▶ **Task to complete**
Read through the listing below and return only the lines containing "IfcSlab".

- - -

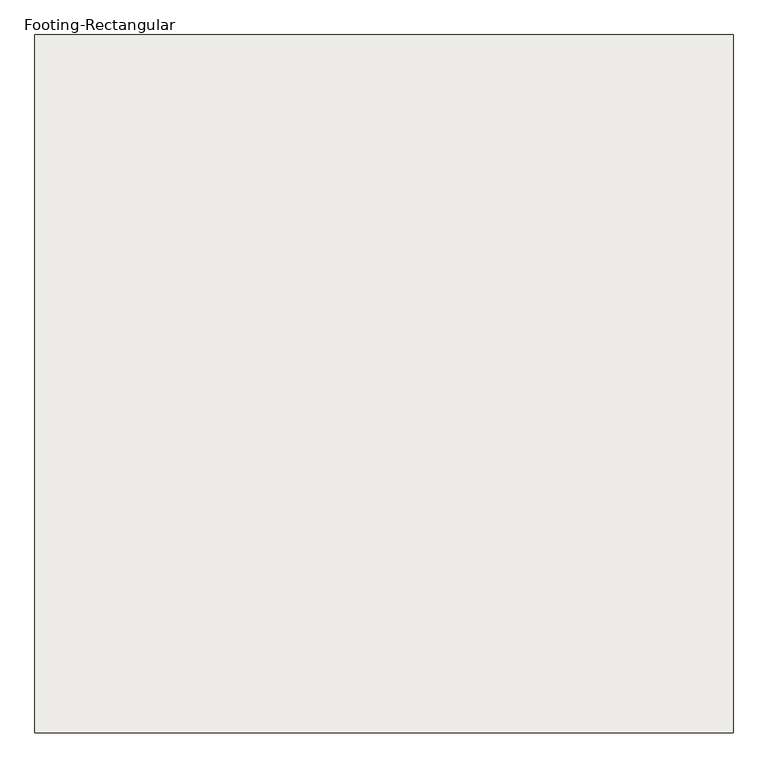
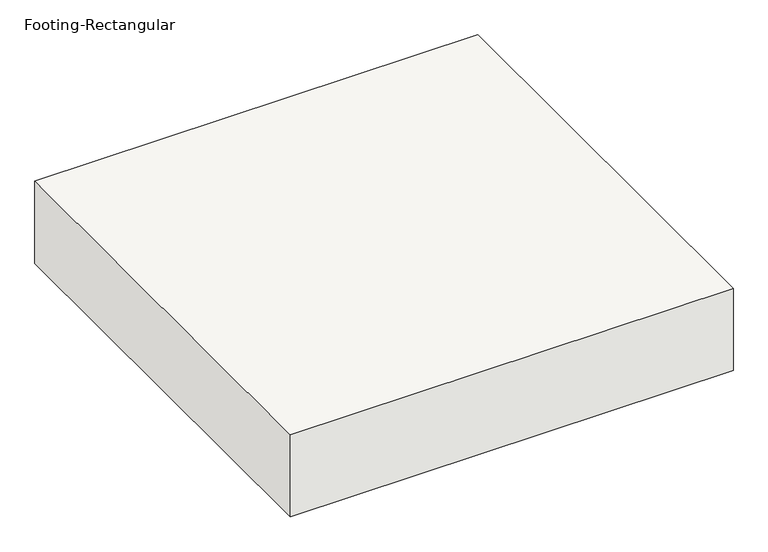
"""IFC4 building model written with IfcOpenShell, lengths in millimetres: slab geometry, Footing-Rectangular."""

from ifc_helpers import new_model, si_unit, frame, origin, place, context, project, spatial, polyline, outline, extrude, source, transform, mapped, element, save


def footing_rectangular_0e916acc(model_context):
    return source(origin(), model_context, "Body", "SweptSolid", [
        extrude(outline(polyline([(1295.4, 1295.4), (1295.4, -1295.4), (-1295.4, -1295.4), (-1295.4, 1295.4), (1295.4, 1295.4)])), frame((0.0, 0.0, -508.0), z_axis=(0.0, 0.0, 1.0), x_axis=(1.0, 0.0, 0.0)), (0.0, 0.0, 1.0), 508.0),
    ])


if __name__ == "__main__":
    model = new_model("IFC4")
    model_context = context("Model", 3, world=origin())
    ifc_project = project(units=[si_unit("LENGTHUNIT", "METRE", prefix="MILLI")], contexts=[model_context])
    site = spatial("IfcSite", under=ifc_project)
    building = spatial("IfcBuilding", under=site)
    placement = place(None, origin())
    footing_rectangular_shape = footing_rectangular_0e916acc(model_context)
    element("IfcSlab", 1, ObjectType="Footing-Rectangular : H 8.5' x 8.5' x 20\"", at=placement, inside=building, context=model_context, shape_type="MappedRepresentation", body=[
        mapped(footing_rectangular_shape, transform((0.0, 0.0, 0.0), x_axis=(1.0, 0.0, 0.0), y_axis=(0.0, 1.0, 0.0), z_axis=(0.0, 0.0, 1.0))),
    ])
    save(model, "model.ifc")

# Revit data of these elements
# Type "Footing-Rectangular : H 8.5' x 8.5' x 20\""
#   Assembly Code = "A1010100"
#   Width = 8' - 6"
#   Length = 8' - 6"
#   Foundation Thickness = 1' - 8"
#   Structural Material [instance default] = Concrete, Cast-in-Place gray
# Element 1 (IfcSlab, "Footing-Rectangular : H 8.5' x 8.5' x 20\"")
#   Materials on its faces: "Concrete, Cast-in-Place gray"
# Materials
#   "Concrete, Cast-in-Place gray": class "Concrete", colour RGB 192 192 192, transparency 0, Description = "Cast-in-place concrete", Cost = 0

- - -

▶ **Exercise solution**
    element("IfcSlab", 1, ObjectType="Footing-Rectangular : H 8.5' x 8.5' x 20\"", at=placement, inside=building, context=model_context, shape_type="MappedRepresentation", body=[
# Element 1 (IfcSlab, "Footing-Rectangular : H 8.5' x 8.5' x 20\"")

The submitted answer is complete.